---------- GIVEN INFORMATION ----------

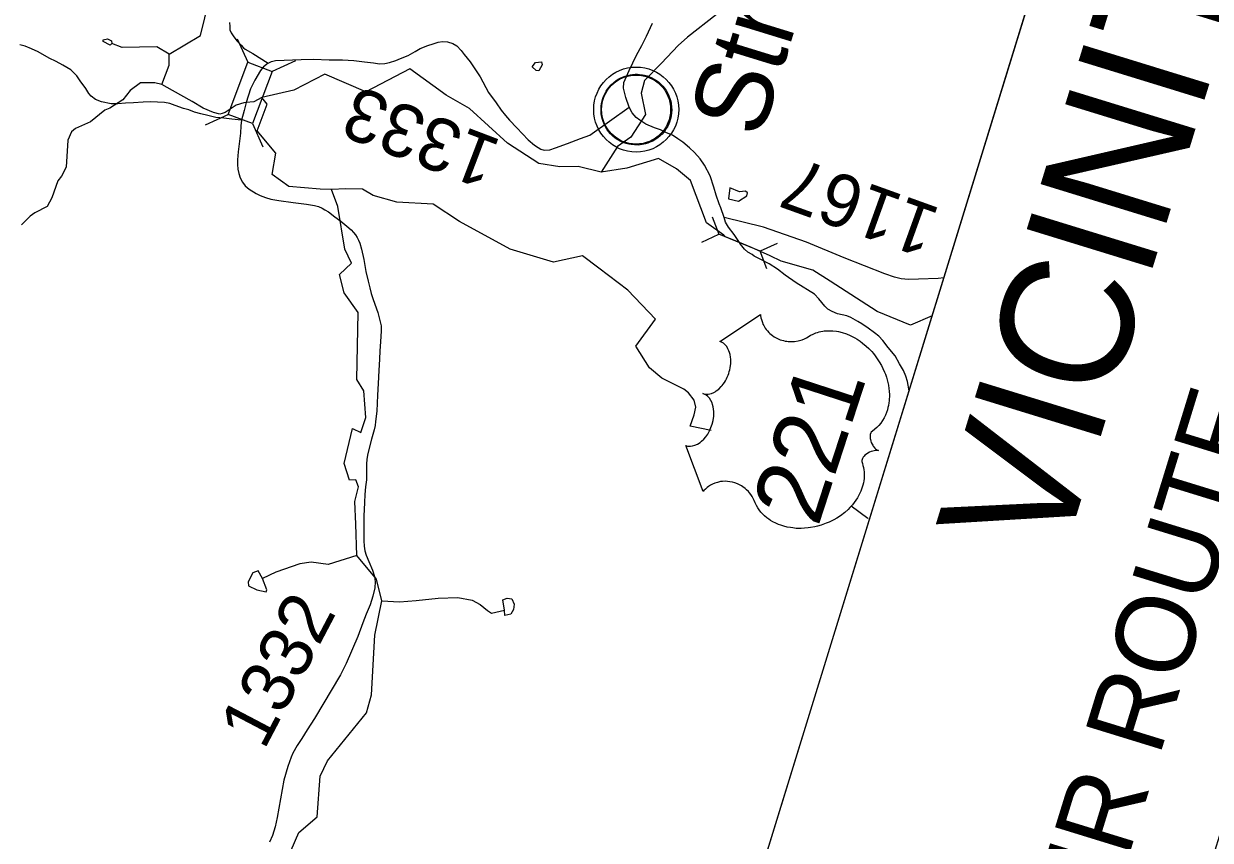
# Model space of a CAD drawing. Extents: x 1347947 to 1350662, y 1027710 to 1030532.
# Drawn here: x 1348252.2 to 1348353.5, y 1028802.3 to 1028872.1 of the extents above; entities that cross this region are included whole.
import ezdxf

# ---------------------------------------------------------------- set-up
doc = ezdxf.new("R2010")
doc.units = 0
for name, color, linetype in [('Default', 7, 'Continuous'), ('Prop Leader Line Light', 7, 'Continuous'), ('Prop WCC CELL', 7, 'Continuous')]:
    doc.layers.add(name, color=color, linetype=linetype)

msp = doc.modelspace()

# ---------------------------------------------------------------- linework, layer by layer
at = {"layer": 'Default'}
for p, q in [((1348270.41, 1028870.75), (1348271.31, 1028868.76)), ((1348275.38, 1028868.88), (1348273.4, 1028867.98)), ((1348269.67, 1028864.29), (1348267.68, 1028863.39)), ((1348271.71, 1028863.52), (1348272.6, 1028861.54)), ((1348310.96, 1028855.55), (1348311.54, 1028854.06)), ((1348310.08, 1028853.4), (1348311.54, 1028854.06)), ((1348315.07, 1028852.61), (1348311.54, 1028854.06)), ((1348316.53, 1028853.27), (1348315.07, 1028852.61)), ((1348315.65, 1028851.12), (1348315.07, 1028852.61))]:
    msp.add_line(p, q, dxfattribs=at)
for points in [[(1348333.37, 1028883.64), (1348331.83, 1028883.24), (1348328.68, 1028882.36), (1348316.42, 1028876.72), (1348311.33, 1028872.83), (1348308.86, 1028870.92), (1348308.06, 1028870.18), (1348306.64, 1028868.69), (1348305.18, 1028867.21), (1348304.9, 1028866.11), (1348305.29, 1028864.31)], [(1348271.18, 1028865.33), (1348270.97, 1028865.29), (1348270.31, 1028865.1), (1348269.9, 1028864.8), (1348269.38, 1028864.48), (1348269.13, 1028864.38), (1348268.93, 1028864.32), (1348268.37, 1028864.48), (1348267.5, 1028864.83), (1348266.57, 1028865.4), (1348264.87, 1028866.34), (1348263.98, 1028866.86), (1348264.61, 1028868.51), (1348264.61, 1028869.45), (1348267.27, 1028871.06), (1348268.01, 1028874.08), (1348268.57, 1028875.2), (1348268.36, 1028876.03), (1348268.81, 1028878.77), (1348269.15, 1028880.07)], [(1348269.75, 1028872.17), (1348269.78, 1028871.81), (1348269.79, 1028871.54), (1348269.89, 1028871.29), (1348270.05, 1028871.01), (1348270.38, 1028870.59), (1348270.74, 1028870.23), (1348270.94, 1028869.99), (1348271.1, 1028869.87), (1348271.74, 1028869.52), (1348273.05, 1028868.69)], [(1348303.87, 1028864.92), (1348303.6, 1028865.75), (1348303.4, 1028866.56), (1348303.44, 1028867.02), (1348303.87, 1028868.06), (1348304.52, 1028869.36), (1348304.97, 1028870.2), (1348305.36, 1028870.99), (1348305.86, 1028872.09)], [(1348259.71, 1028870.37), (1348259.55, 1028870.22), (1348258.95, 1028870.54), (1348258.96, 1028870.69), (1348259.33, 1028870.77), (1348259.68, 1028870.58), (1348259.71, 1028870.37)], [(1348259.71, 1028870.37), (1348259.55, 1028870.22), (1348258.95, 1028870.54), (1348258.96, 1028870.69), (1348259.33, 1028870.77), (1348259.68, 1028870.58), (1348259.71, 1028870.37)], [(1348270.78, 1028863.82), (1348269.96, 1028863.91), (1348269.26, 1028863.97), (1348268.57, 1028864.04), (1348267.89, 1028864.2), (1348267.31, 1028864.34), (1348266.75, 1028864.51), (1348266.29, 1028864.71), (1348265.81, 1028864.81), (1348265.12, 1028865.07), (1348264.66, 1028865.23), (1348264.19, 1028865.32), (1348263.59, 1028865.35), (1348262.99, 1028865.37), (1348262.37, 1028865.36), (1348261.56, 1028865.3), (1348260.88, 1028865.27), (1348260.21, 1028865.2), (1348259.64, 1028865.21), (1348258.82, 1028865.39), (1348258.3, 1028865.57), (1348257.94, 1028865.85), (1348257.75, 1028866.1), (1348257.48, 1028866.51), (1348257.01, 1028867.16), (1348256.7, 1028867.59), (1348256.2, 1028868.11), (1348255.51, 1028868.52), (1348254.95, 1028868.84), (1348254.34, 1028869.12), (1348253.4, 1028869.64), (1348252.85, 1028869.92), (1348252.3, 1028870.13), (1348251.85, 1028870.25)], [(1348264.61, 1028869.45), (1348263.54, 1028870.07), (1348260.57, 1028870.03), (1348259.71, 1028870.37)], [(1348273.05, 1028868.69), (1348273.34, 1028868.82), (1348273.69, 1028868.9), (1348275.86, 1028868.99), (1348276.91, 1028869.03), (1348278.26, 1028868.96), (1348279.41, 1028868.98), (1348280.36, 1028868.91), (1348281.29, 1028868.8), (1348282.04, 1028868.71), (1348282.56, 1028868.63), (1348283.02, 1028868.66), (1348283.42, 1028868.75), (1348283.96, 1028868.92), (1348284.34, 1028869.07), (1348285.01, 1028869.35), (1348285.61, 1028869.67), (1348286.02, 1028869.93), (1348286.68, 1028870.18), (1348287.13, 1028870.34), (1348287.58, 1028870.49), (1348287.94, 1028870.53), (1348288.38, 1028870.5), (1348288.81, 1028870.37), (1348289.16, 1028870.17), (1348289.54, 1028869.77), (1348289.8, 1028869.42), (1348290.29, 1028868.79), (1348291.15, 1028867.52), (1348291.88, 1028866.19), (1348292.51, 1028865.3), (1348292.94, 1028864.68), (1348293.33, 1028864.22), (1348293.66, 1028863.81), (1348294.3, 1028863.15), (1348294.76, 1028862.64), (1348295.26, 1028862.14), (1348295.81, 1028861.67), (1348296.1, 1028861.47), (1348296.34, 1028861.33), (1348296.62, 1028861.26), (1348297.1, 1028861.27), (1348297.59, 1028861.44), (1348298.61, 1028861.83), (1348299.72, 1028862.26), (1348300.52, 1028862.52), (1348303.87, 1028864.92)], [(1348295.93, 1028868.05), (1348295.59, 1028868.37), (1348295.87, 1028868.75), (1348296.4, 1028868.81), (1348296.46, 1028868.54), (1348296.18, 1028868.02), (1348295.93, 1028868.05)], [(1348295.93, 1028868.05), (1348295.59, 1028868.37), (1348295.87, 1028868.75), (1348296.4, 1028868.81), (1348296.46, 1028868.54), (1348296.18, 1028868.02), (1348295.93, 1028868.05)], [(1348273.05, 1028868.69), (1348272.65, 1028868.37), (1348272.39, 1028868.07), (1348271.9, 1028867.22), (1348271.55, 1028866.49), (1348271.18, 1028865.33)], [(1348301.5, 1028859.36), (1348299.53, 1028859.84), (1348297.97, 1028859.82), (1348296.16, 1028860.12), (1348293.49, 1028861.85), (1348290.26, 1028864.81), (1348288.25, 1028865.96), (1348285.14, 1028868.19), (1348281.4, 1028866.23), (1348277.88, 1028867.75), (1348275.23, 1028866.37), (1348272.5, 1028865.75)], [(1348263.98, 1028866.86), (1348263.38, 1028867.01), (1348262.15, 1028866.99), (1348261.26, 1028866.36), (1348260.63, 1028865.56), (1348259.52, 1028864.83), (1348259.1, 1028864.67), (1348257.89, 1028863.67), (1348256.61, 1028863.09), (1348256.26, 1028862.81), (1348255.95, 1028862.1), (1348255.8, 1028859.81), (1348255.39, 1028859.04), (1348255.09, 1028858.63), (1348254.58, 1028857.18), (1348254.19, 1028856.43), (1348253.13, 1028855.89), (1348252.73, 1028855.62), (1348251.99, 1028854.86)], [(1348272.5, 1028865.75), (1348271.84, 1028865.39), (1348271.18, 1028865.33)], [(1348278.45, 1028857.9), (1348277.5, 1028857.93), (1348274.83, 1028858.14), (1348273.38, 1028859.18), (1348273.72, 1028860.99), (1348272.1, 1028862.9), (1348272.97, 1028865.19), (1348272.5, 1028865.75)], [(1348271.18, 1028865.33), (1348270.99, 1028864.64), (1348270.78, 1028863.82)], [(1348312, 1028855.49), (1348311.7, 1028856.31), (1348311.56, 1028856.66), (1348311.31, 1028857.41), (1348311.1, 1028858.09), (1348310.8, 1028859.05), (1348310.31, 1028859.98), (1348309.94, 1028860.51), (1348309.47, 1028861.05), (1348309.02, 1028861.46), (1348308.47, 1028861.92), (1348308.04, 1028862.22), (1348307.57, 1028862.52), (1348307.08, 1028862.73), (1348306.55, 1028862.98), (1348306.04, 1028863.16), (1348305.31, 1028863.47), (1348304.8, 1028863.8), (1348304.49, 1028864.03), (1348304.15, 1028864.43), (1348303.87, 1028864.92)], [(1348270.78, 1028863.82), (1348270.73, 1028863.33), (1348270.68, 1028862.71), (1348270.48, 1028861.1), (1348270.43, 1028860.41), (1348270.43, 1028860.03), (1348270.46, 1028859.63), (1348270.55, 1028859.26), (1348270.67, 1028858.88), (1348270.86, 1028858.51), (1348271.09, 1028858.19), (1348271.42, 1028857.92), (1348272.03, 1028857.55), (1348272.38, 1028857.38), (1348272.83, 1028857.2), (1348273.28, 1028857.06), (1348273.95, 1028856.94), (1348275.2, 1028856.77), (1348276.33, 1028856.63), (1348277, 1028856.51), (1348277.36, 1028856.43), (1348277.66, 1028856.3), (1348277.9, 1028856.16), (1348278.2, 1028855.98), (1348278.75, 1028855.56), (1348279.27, 1028855.17), (1348279.78, 1028854.76), (1348280.15, 1028854.43), (1348280.34, 1028854.22), (1348280.51, 1028854.02), (1348280.66, 1028853.79), (1348280.76, 1028853.56), (1348280.87, 1028853.29), (1348281.01, 1028852.79), (1348281.22, 1028851.9), (1348281.4, 1028850.89), (1348281.59, 1028850.04), (1348281.73, 1028849.47), (1348281.86, 1028848.99), (1348282.02, 1028848.49), (1348282.41, 1028847.37), (1348282.59, 1028846.69), (1348282.69, 1028846.23), (1348282.69, 1028845.81), (1348282.64, 1028844.87), (1348282.6, 1028844.11), (1348282.55, 1028843.39), (1348282.51, 1028842.41), (1348282.45, 1028841.31), (1348282.4, 1028840.3), (1348282.33, 1028838.95), (1348282.22, 1028838.07), (1348282.18, 1028837.71), (1348282.1, 1028837.36), (1348281.87, 1028836.54), (1348281.64, 1028835.68), (1348281.53, 1028835.18), (1348281.49, 1028834.82), (1348281.46, 1028834.45), (1348281.45, 1028833.56), (1348281.45, 1028833.08), (1348281.37, 1028832.47), (1348281.31, 1028831.82), (1348281.27, 1028831.13), (1348281.23, 1028829.98), (1348281.21, 1028828.59), (1348281.21, 1028827.85), (1348281.24, 1028827.4), (1348281.32, 1028827), (1348281.43, 1028826.64), (1348281.64, 1028826.09), (1348281.97, 1028825.36), (1348282.14, 1028824.81), (1348282.19, 1028824.35), (1348282.16, 1028823.84), (1348282, 1028823.12), (1348281.75, 1028822.39), (1348281.41, 1028821.6), (1348281.14, 1028820.86), (1348280.72, 1028819.69), (1348279.71, 1028817.37), (1348279.24, 1028816.4), (1348277, 1028812.67), (1348276.39, 1028811.71), (1348275.93, 1028810.98), (1348275.54, 1028810.38), (1348275.17, 1028809.72), (1348275.01, 1028809.37), (1348274.72, 1028808.58), (1348274.4, 1028807.42), (1348274.11, 1028805.82), (1348273.81, 1028804.21), (1348273.64, 1028803.42), (1348273.43, 1028802.68), (1348273.17, 1028802.12)], [(1348305.29, 1028864.31), (1348304.01, 1028862.37)], [(1348304.01, 1028862.37), (1348302.89, 1028861.55)], [(1348302.89, 1028861.55), (1348301.5, 1028859.36)], [(1348313.29, 1028853.37), (1348312.11, 1028853.85), (1348311.96, 1028853.99), (1348310.5, 1028855.04), (1348309.11, 1028858.67), (1348307.92, 1028859.64), (1348306.39, 1028860.53), (1348303.69, 1028859.71), (1348301.5, 1028859.36)], [(1348274.35, 1028799.93), (1348275.67, 1028802.95), (1348277.23, 1028804.28), (1348277.5, 1028807.75), (1348278.13, 1028809.06), (1348281.46, 1028813.16), (1348281.89, 1028814.7), (1348282.16, 1028819.8), (1348282.75, 1028822.73), (1348282.29, 1028824.59), (1348280.62, 1028826.62), (1348280.55, 1028829.28), (1348280.46, 1028831.23), (1348280.76, 1028832.49), (1348280.55, 1028833.07), (1348279.99, 1028833.05), (1348279.55, 1028834.48), (1348280.25, 1028837.47), (1348280.96, 1028837.12), (1348281.38, 1028838.4), (1348281.21, 1028840.67), (1348280.62, 1028841.65), (1348280.74, 1028847.37), (1348279.54, 1028849.07), (1348279.13, 1028850.61), (1348280.18, 1028851.58), (1348279.61, 1028852.78), (1348278.99, 1028856.44), (1348278.45, 1028857.9)], [(1348310.89, 1028837.28), (1348309.08, 1028837.66), (1348309.44, 1028838.64), (1348309.57, 1028839.29), (1348309.43, 1028839.87), (1348308.95, 1028840.51), (1348308.54, 1028840.82), (1348306.66, 1028841.75), (1348305.61, 1028842.66), (1348304.45, 1028844.5), (1348306.14, 1028846.81), (1348303.78, 1028849.28), (1348301.3, 1028851.17), (1348299.9, 1028852.22), (1348297.41, 1028851.69), (1348293.71, 1028852.8), (1348289.4, 1028855.15), (1348287.14, 1028856.62), (1348284.05, 1028856.81), (1348282.03, 1028857.38), (1348281.11, 1028857.93), (1348279.69, 1028857.94), (1348278.45, 1028857.9)], [(1348312.36, 1028857.1), (1348313.23, 1028856.9), (1348313.94, 1028857.36), (1348313.98, 1028857.59), (1348313.83, 1028857.74), (1348313.3, 1028857.69), (1348312.49, 1028858.03), (1348312.36, 1028857.1)], [(1348330.75, 1028850.33), (1348330.26, 1028850.29), (1348328.58, 1028850.23), (1348327.77, 1028850.21), (1348327.41, 1028850.23), (1348327.11, 1028850.26), (1348326.53, 1028850.4), (1348325.71, 1028850.67), (1348322.23, 1028852.04), (1348319.04, 1028853.4), (1348315.36, 1028854.67), (1348312, 1028855.49)], [(1348327.78, 1028840.69), (1348327.64, 1028841.48), (1348327.51, 1028841.94), (1348327.31, 1028842.41), (1348326.97, 1028843), (1348326.59, 1028843.66), (1348326, 1028844.38), (1348325.54, 1028844.99), (1348325.21, 1028845.34), (1348324.82, 1028845.64), (1348324.29, 1028846.05), (1348323.75, 1028846.42), (1348323.4, 1028846.62), (1348322.82, 1028846.95), (1348322.46, 1028847.1), (1348321.68, 1028847.27), (1348321.22, 1028847.46), (1348320.85, 1028847.66), (1348320.59, 1028847.91), (1348320.08, 1028848.54), (1348319.72, 1028848.93), (1348318.13, 1028849.91), (1348317.2, 1028850.57), (1348316.56, 1028851.09), (1348315.84, 1028851.53), (1348315.07, 1028851.92), (1348314.55, 1028852.2), (1348314.39, 1028852.32), (1348314.01, 1028852.53), (1348313.72, 1028852.8), (1348313.38, 1028853.22), (1348313.29, 1028853.37), (1348312.86, 1028854.03), (1348312.37, 1028854.66), (1348312.11, 1028855.11), (1348312, 1028855.49)], [(1348316.85, 1028851.75), (1348315.91, 1028852.22), (1348314.34, 1028852.94), (1348313.29, 1028853.37)], [(1348319.58, 1028850.99), (1348316.85, 1028851.75)], [(1348329.76, 1028847.09), (1348327.9, 1028846.28), (1348325.06, 1028847.45), (1348321.05, 1028850.06), (1348319.58, 1028850.99)], [(1348324.27, 1028829.76), (1348322.84, 1028830.82)], [(1348324.41, 1028829.72), (1348324.36, 1028829.73)], [(1348280.62, 1028826.62), (1348278.19, 1028825.83), (1348276.73, 1028826.03), (1348275.77, 1028825.9), (1348273.72, 1028825.19), (1348272.57, 1028824.63)], [(1348272.57, 1028824.63), (1348272.2, 1028825.31), (1348271.73, 1028825.13), (1348271.35, 1028824.35), (1348271.38, 1028824.03), (1348272.08, 1028823.68), (1348272.89, 1028823.5), (1348272.95, 1028823.68), (1348272.57, 1028824.63)], [(1348272.57, 1028824.63), (1348272.2, 1028825.31), (1348271.73, 1028825.13), (1348271.35, 1028824.35), (1348271.38, 1028824.03), (1348272.08, 1028823.68), (1348272.89, 1028823.5), (1348272.95, 1028823.68), (1348272.57, 1028824.63)], [(1348282.75, 1028822.73), (1348284.27, 1028822.64), (1348285.7, 1028822.75), (1348287.56, 1028822.95), (1348289.26, 1028823.03), (1348290.46, 1028822.78), (1348291.15, 1028822.43), (1348291.78, 1028821.9), (1348292.12, 1028821.69), (1348293.23, 1028821.95)], [(1348293.23, 1028821.95), (1348293.1, 1028822.81), (1348293.46, 1028822.95), (1348293.85, 1028822.91), (1348294.05, 1028822.44), (1348293.99, 1028821.99), (1348293.78, 1028821.61), (1348293.27, 1028821.49), (1348293.23, 1028821.95)], [(1348293.23, 1028821.95), (1348293.1, 1028822.81), (1348293.46, 1028822.95), (1348293.85, 1028822.91), (1348294.05, 1028822.44), (1348293.99, 1028821.99), (1348293.78, 1028821.61), (1348293.27, 1028821.49), (1348293.23, 1028821.95)]]:
    msp.add_lwpolyline(points, dxfattribs=at)
for points in [[(1348273.4, 1028867.98), (1348271.72, 1028863.52), (1348269.63, 1028864.3), (1348271.31, 1028868.76)], [(1348303.1, 1028862.03), (1348302.91, 1028862.14), (1348302.69, 1028862.28), (1348302.46, 1028862.47), (1348302.29, 1028862.65), (1348302.12, 1028862.84), (1348301.97, 1028863.04), (1348301.86, 1028863.23), (1348301.75, 1028863.46), (1348301.65, 1028863.71), (1348301.58, 1028863.96), (1348301.53, 1028864.17), (1348301.5, 1028864.38), (1348301.48, 1028864.61), (1348301.48, 1028864.84), (1348301.49, 1028865.01), (1348301.52, 1028865.2), (1348301.54, 1028865.35), (1348301.61, 1028865.59), (1348301.67, 1028865.75), (1348301.74, 1028865.96), (1348301.83, 1028866.13), (1348301.92, 1028866.29), (1348302.04, 1028866.46), (1348302.17, 1028866.63), (1348302.35, 1028866.84), (1348302.56, 1028867.02), (1348302.75, 1028867.17), (1348302.95, 1028867.31), (1348303.11, 1028867.39), (1348303.32, 1028867.49), (1348303.54, 1028867.57), (1348303.74, 1028867.63), (1348303.96, 1028867.69), (1348304.18, 1028867.72), (1348304.39, 1028867.73), (1348304.59, 1028867.73), (1348304.77, 1028867.72), (1348305.01, 1028867.69), (1348305.19, 1028867.65), (1348305.41, 1028867.59), (1348305.62, 1028867.52), (1348305.82, 1028867.43), (1348306.01, 1028867.33), (1348306.21, 1028867.2), (1348306.41, 1028867.06), (1348306.56, 1028866.91), (1348306.75, 1028866.73), (1348306.9, 1028866.54), (1348307.03, 1028866.36), (1348307.16, 1028866.15), (1348307.27, 1028865.9), (1348307.36, 1028865.66), (1348307.43, 1028865.44), (1348307.47, 1028865.25), (1348307.51, 1028864.96), (1348307.52, 1028864.67), (1348307.51, 1028864.43), (1348307.47, 1028864.18), (1348307.44, 1028864.01), (1348307.39, 1028863.84), (1348307.33, 1028863.64), (1348307.26, 1028863.49), (1348307.17, 1028863.29), (1348307.05, 1028863.09), (1348306.95, 1028862.94), (1348306.82, 1028862.77), (1348306.69, 1028862.62), (1348306.56, 1028862.51), (1348306.33, 1028862.31), (1348306.11, 1028862.15), (1348305.89, 1028862.03), (1348305.66, 1028861.92), (1348305.47, 1028861.85), (1348305.28, 1028861.79), (1348304.98, 1028861.73), (1348304.83, 1028861.71), (1348304.66, 1028861.69), (1348304.33, 1028861.7), (1348304.05, 1028861.72), (1348303.85, 1028861.76), (1348303.62, 1028861.82), (1348303.45, 1028861.88), (1348303.22, 1028861.97)], [(1348308.73, 1028836), (1348308.86, 1028835.96), (1348309.03, 1028835.95), (1348309.11, 1028835.94), (1348309.29, 1028835.97), (1348309.5, 1028836.03), (1348309.73, 1028836.13), (1348309.94, 1028836.27), (1348310.07, 1028836.37), (1348310.25, 1028836.54), (1348310.43, 1028836.75), (1348310.59, 1028836.99), (1348310.74, 1028837.25), (1348310.87, 1028837.54), (1348310.97, 1028837.83), (1348311.05, 1028838.16), (1348311.1, 1028838.53), (1348311.11, 1028838.71), (1348311.1, 1028838.91), (1348311.09, 1028839.11), (1348311.05, 1028839.32), (1348311, 1028839.5), (1348310.96, 1028839.65), (1348310.85, 1028839.86), (1348310.73, 1028840.05), (1348310.66, 1028840.13), (1348310.59, 1028840.21), (1348310.42, 1028840.34), (1348310.34, 1028840.38), (1348310.17, 1028840.45), (1348310.32, 1028840.41), (1348310.42, 1028840.4), (1348310.51, 1028840.4), (1348310.62, 1028840.4), (1348310.77, 1028840.42), (1348310.91, 1028840.46), (1348311.12, 1028840.55), (1348311.22, 1028840.61), (1348311.31, 1028840.67), (1348311.53, 1028840.83), (1348311.73, 1028841.04), (1348311.83, 1028841.14), (1348311.91, 1028841.25), (1348312.01, 1028841.39), (1348312.1, 1028841.54), (1348312.18, 1028841.7), (1348312.26, 1028841.85), (1348312.33, 1028842.02), (1348312.38, 1028842.16), (1348312.43, 1028842.33), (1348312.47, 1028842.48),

----------

*DIRECTIONS FOR THIS TASK:* Search the material above for "Default". Pull out each line where it shows up.

*COMPLETED EXERCISE:*
for name, color, linetype in [('Default', 7, 'Continuous'), ('Prop Leader Line Light', 7, 'Continuous'), ('Prop WCC CELL', 7, 'Continuous')]:
at = {"layer": 'Default'}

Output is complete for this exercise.